American abolitionist

Stephen Myers (c. 1800 – February 13, 1870) was an abolitionist and agent of the Underground Railroad through the 1830s–1850s. He was also the editor of multiple abolitionist newspapers such as The Elevator, The Northern Star, and Freeman's Advocate, and The Telegraph and Temperance Journal.

In 2022 Myers was inducted to the National Abolition Hall of Fame.

== Birth and early life ==
Stephen Myers was born a slave in Hoosick, New York, around the year 1800. At the age of 18, he was given his freedom by Lt. Colonel Warren of Vermont. He met Harriet Johnson and married her in Troy, New York, in 1827. Stephen and his wife resided in numerous houses in the city of Albany before moving to 198 Lumber Street in Albany.

==Background ==
Stephen and his wife Harriet provided safe houses for freedom seekers and supplied them with financial support through the Vigilance Committee. He also organized the Florence Farming and Lumber Association, an economic development project, and was the vice president of the American Council of Colored Laborers, a trade and skills organization. Following these roles, he served as a central actor of the New York State Suffrage Association by lobbying the New York State legislature for African-American suffrage.

Myers became a member of the Albany Vigilance Committee in the 1850s and served as the organization's chairman for more than three years. The fundraising and primary return address for correspondence for the Vigilance Committee was run through the Myers's home address which also served as a safe house for freedom seekers during their escape to the North.

Myers is noted as an important contributor and agent of the Underground Railroad by many different abolitionists.
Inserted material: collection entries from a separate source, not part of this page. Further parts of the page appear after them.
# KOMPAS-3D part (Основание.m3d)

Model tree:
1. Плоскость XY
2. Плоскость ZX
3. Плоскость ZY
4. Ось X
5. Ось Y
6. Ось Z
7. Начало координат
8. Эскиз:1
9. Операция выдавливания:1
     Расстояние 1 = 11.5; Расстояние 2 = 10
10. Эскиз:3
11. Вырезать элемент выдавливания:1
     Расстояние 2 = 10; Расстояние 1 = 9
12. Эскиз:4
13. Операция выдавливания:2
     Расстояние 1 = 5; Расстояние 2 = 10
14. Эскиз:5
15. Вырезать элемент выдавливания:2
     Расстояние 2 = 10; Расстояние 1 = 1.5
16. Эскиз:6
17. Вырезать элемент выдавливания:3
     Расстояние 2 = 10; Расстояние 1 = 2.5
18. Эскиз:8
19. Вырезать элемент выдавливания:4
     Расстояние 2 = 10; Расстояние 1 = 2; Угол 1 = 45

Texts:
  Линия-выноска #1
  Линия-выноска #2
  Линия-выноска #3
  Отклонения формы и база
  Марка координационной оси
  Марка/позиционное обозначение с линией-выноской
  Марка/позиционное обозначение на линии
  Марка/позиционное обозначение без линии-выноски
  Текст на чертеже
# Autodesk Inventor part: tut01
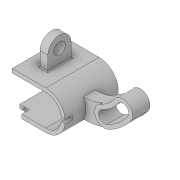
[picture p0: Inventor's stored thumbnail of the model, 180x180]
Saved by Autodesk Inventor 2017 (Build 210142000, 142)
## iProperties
Created: 2015-03
Part Number: tut01
Material: Generic
Document SubType Name: Modeling
Designer: Sandeep
Density: 1 g/cm^3
Appearance: Default
Author: Sandeep
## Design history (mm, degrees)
sketch "Sketch1"
  geometry: L1 (35, 20)-(0, 20); L2 (0, -20)-(35, -20); L3 (35, 16)-(0, 16); L4 (0, -16)-(35, -16); L5 (35, 16)-(35, 20); L6 (35, -16)-(35, -20); L7 (42.148, 0)-(-37.683, 0); A1 r 20 centre (0, 0) between (0, 20) and (0, -20); A2 r 16 centre (0, 0) between (0, 16) and (0, -16); 1 further point
  constraints: 14 end point, 4 point on circle, 2 centre point, 2 horizontal, 2 parallel, 2 tangent, 2 vertical, 1 coincident, 1 point on line, 3 other
  dimensions: "d0" = 35 distance of L2.start L2.end; "d1" = 20 radius of A1; "d2" = 4 distance between parallel lines of L2 L4
extrude "Extrusion1" new body sketch "Sketch1" stored distance "d3" = 55; taper "d4" = 0 deg
workplane "Work Plane1"
sketch "Sketch8"
  geometry: 1 further point
sketch "Sketch9"
  geometry: L1 (0, 55)-(0, 0) reference; L2 (0, 39.5)-(15, 39.5); L3 (15, 15.5)-(0, 15.5); L4 (0, 39.5)-(0, 15.5); L5 (-20, 27.5)-(24.854, 27.5); A1 r 12 centre (15, 27.5) between (15, 15.5) and (15, 39.5)
  constraints: 8 end point, 3 point on line, 2 horizontal, 2 point on circle, 2 tangent, 1 centre point, 1 collinear, 1 parallel
  dimensions: "d21" = 12 radius of A1; "d22" = 15 distance from line of L1 A1.centre
extrude "Extrusion5" join sketch "Sketch9" stored distance "d23" = 8; taper "d24" = 0 deg
sketch "Sketch10"
  geometry: C1 r 6 at (15, 27.5); A1 r 12 centre (15, 27.5) between (15, 15.5) and (15, 39.5) reference; 1 further point
  constraints: 1 centre point, 1 concentric
  dimensions: "d25" = 12 diameter of C1
extrude "Extrusion6" cut sketch "Sketch10" distance "d26" = 8; taper "d27" = 0 deg
fillet "Fillet1" dims "d28" = 1
sketch "Sketch11"
  geometry: L1 (15.875, -2)-(19.9, -2); L2 (15.875, 2)-(19.9, 2); L3 (0, 0)-(6.778, 0); L4 (-35, -20)-(-35, -16) reference; L5 (-35, -20)-(-25, -20); L6 (-25, -20)-(-25, -16); L7 (-25, -16)-(-35, -16); L8 (-35, -16)-(-35, -20); A1 r 16 centre (0, 0) between (0, -16) and (0, 16) reference; A2 r 20 centre (0, 0) between (0, -20) and (0, 20) reference; A3 r 20 centre (0, 0) between (19.9, -2) and (19.9, 2); A4 r 16 centre (0, 0) between (15.875, -2) and (15.875, 2); 1 further point
  constraints: 14 end point, 8 point on circle, 3 horizontal, 3 parallel, 2 centre point, 2 coincident, 1 perpendicular, 1 point on line, 1 other
  dimensions: "d30" = 2 distance from line of L3.end L2; "d31" = 10 distance between parallel lines of L4 L6
extrude "Extrusion7" cut sketch "Sketch11" distance "d32" = 8; taper "d33" = 0 deg
hole "Hole1" diameter "d36" = 2.5; stored, may be unused: countersink angle "d40" = 90 deg, drill point angle "d42" = 118 deg; dims "d34" = 2, "d37" = 6, "d38" = 4, "d39" = 2, "d41" = 4, "d44" = 5
sketch "Sketch12"
  geometry: L1 (0, 0)-(-32.975, 0); A1 r 20 centre (0, 0) between (-19.9, -2) and (0, -20) reference; A2 r 20 centre (0, 0) between (0, 20) and (-19.9, 2) reference; A3 r 20 centre (0, 0) between (0, 20) and (0, -20) reference; A4 r 10 centre (-61.269, 21.694) between (-53.311, 27.749) and (-69.227, 15.638); A5 r 45 centre (-17.5, 55) between (-53.311, 27.749) and (-17.32, 10); A6 r 65 centre (-17.5, 55) between (-69.227, 15.638) and (-17.321, -10); 1 further point
  constraints: 10 point on circle, 3 centre point, 2 end point, 2 tangent, 1 coincident, 1 horizontal
  dimensions: "d43" = 55 distance from line of A5.centre L1; "d45" = 17.5 horizontal distance of point (0, 0) A5.centre; "d46" = 20 diameter of A4; "d47" = 45 radius of A5; "d48" = 60 dimension on A6
extrude "Extrusion8" join sketch "Sketch12" stored distance "d49" = 12; taper "d50" = 0 deg
sketch "Sketch13"
  geometry: A1 r 10 centre (61.269, 21.694) between (69.227, 15.638) and (53.311, 27.749); A2 r 10 centre (61.269, 21.694) between (69.227, 15.638) and (53.311, 27.749) reference; A3 r 10 centre (41.857, 5.687) between (37.428, 14.653) and (46.286, -3.279); A4 r 45 centre (17.5, 55) between (37.428, 14.653) and (53.311, 27.749); A5 r 65 centre (17.5, 55) between (46.286, -3.279) and (69.227, 15.638); A6 r 65 centre (17.5, 55) between (17.321, -10) and (69.227, 15.638) reference; A7 r 45 centre (17.5, 55) between (17.32, 10) and (53.311, 27.749) reference; 2 further points
  constraints: 12 point on circle, 4 centre point, 3 tangent, 1 concentric
  dimensions: "d53" = 30 dimension on A5
extrude "Extrusion9" join sketch "Sketch13" distance "d54" = 3; taper "d55" = 0 deg
mirror "Mirror1"
sketch "Sketch14"
  geometry: A1 r 48.605 centre (21.694, 49.913) between (41.857, 5.687) and (61.269, 21.694); A2 r 54.605 centre (21.694, 49.913) between (44.346, 0.228) and (66.154, 18.21); A3 r 42.605 centre (21.694, 49.913) between (39.368, 11.147) and (56.383, 25.177); A4 r 6 centre (41.857, 5.687) between (39.368, 11.147) and (44.346, 0.228); A5 r 6 centre (61.269, 21.694) between (66.154, 18.21) and (56.383, 25.177); A6 r 10 centre (61.269, 21.694) between (69.227, 15.638) and (53.311, 27.749) reference; A7 r 10 centre (41.857, 5.687) between (37.428, 14.653) and (46.286, -3.279) reference; 1 further point
  constraints: 10 point on circle, 5 centre point, 4 tangent, 2 concentric
  dimensions: "d57" = 30 deg dimension on A1.centre A1.end A1.start; "d58" = 6 radius of A5
extrude "Extrusion10" cut sketch "Sketch14" distance "d59" = 46.25; taper "d60" = 0 deg
body "Solid1"
other parameters: "d20" = -17.5

He collaborated with Samuel Ringgold Ward on journalistic activities, spoke at the Liberty Street Presbyterian Church pastored by Henry Highland Garnet, and shared the speaking stage with Frederick Douglass. Myers eventually merged the Northern Star with another newspaper known as the True American to create the Impartial Citizen, which published out of Syracuse, New York. This paper ceased publication two years later after its editor and publisher, Samuel Ringgold Ward, fled to Canada after his involvement in the Jerry Rescue.

== Later life and death ==
Myers spent the rest of his life aiding the Underground Railroad and recruiting for the United States Colored Troops. His wife Harriet died in 1865; Myers himself died five years later at his son's Jefferson Street home in Albany on February 13, 1870, and was buried at Albany Rural Cemetery.